## EXTRACTED RECORDS
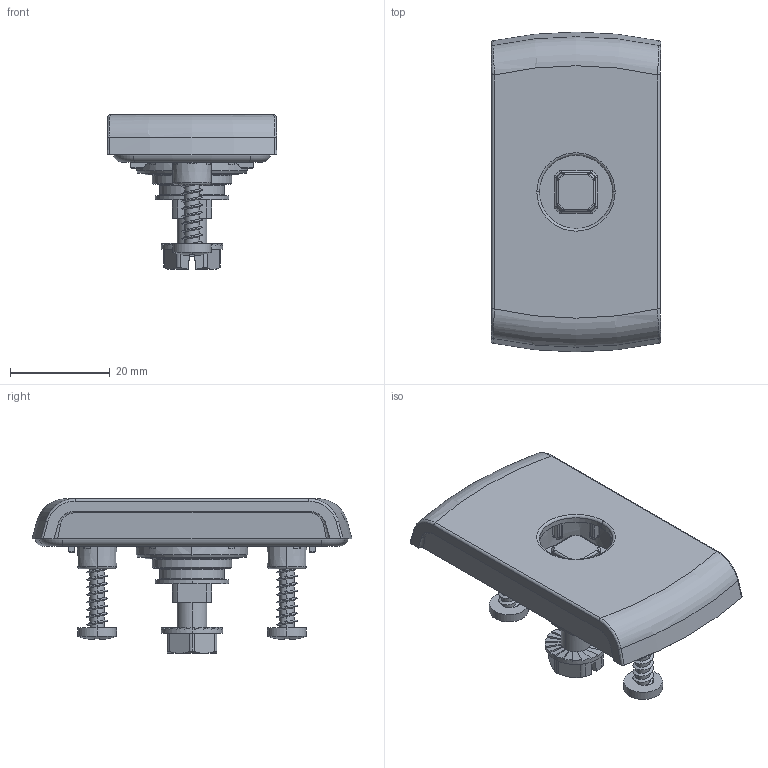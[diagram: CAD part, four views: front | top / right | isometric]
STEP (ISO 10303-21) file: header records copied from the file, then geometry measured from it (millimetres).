
FILE_DESCRIPTION (( 'STEP AP214' ), '1' );
FILE_NAME ('1B.RW120.M.STEP', '2022-02-04T07:18:46', ( '' ), ( '' ), 'SwSTEP 2.0', 'SolidWorks 2021', '' );
FILE_SCHEMA (( 'AUTOMOTIVE_DESIGN' ));
Length unit declared in the file: millimetre
Products named in the file (7): 1B.RW120.M; P.014951_01-00; DIN 7981_F.4.1x22; 2.PT.001_A; S6PZ_M6x10; DIN 3771_16x2; P.014991_01-01
Assembly tree (7 placements, depth 2):
  1B.RW120.M
    P.014991_01-01
    P.014951_01-00
    2.PT.001_A
    DIN 3771_16x2
    DIN 7981_F.4.1x22  x2
    S6PZ_M6x10
Bounding box: 34 x 64 x 30.9 mm (x, y, z)
Volume: 15087 mm3; surface area: 15185.3 mm2
Topology: 8 solids, 8 shells, 1143 faces, 2721 edges, 1617 vertices
Faces by surface type: plane 341, cylinder 235, bspline 198, torus 137, sphere 129, cone 103
Entity records: 37464 total; most frequent: CARTESIAN_POINT 14022, ORIENTED_EDGE 5080, DIRECTION 4625, EDGE_CURVE 2540, AXIS2_PLACEMENT_3D 1854, VERTEX_POINT 1497, EDGE_LOOP 1109, ADVANCED_FACE 1079

## ABOUT THIS EXERCISE
Above are the records. Copy the lines beginning at the one that has "Volume: 15087 mm3; surface area: 15185.3 mm2" and ending with the one that has "Faces by surface", unchanged.

## EXERCISE ANSWER
Volume: 15087 mm3; surface area: 15185.3 mm2
Topology: 8 solids, 8 shells, 1143 faces, 2721 edges, 1617 vertices
Faces by surface type: plane 341, cylinder 235, bspline 198, torus 137, sphere 129, cone 103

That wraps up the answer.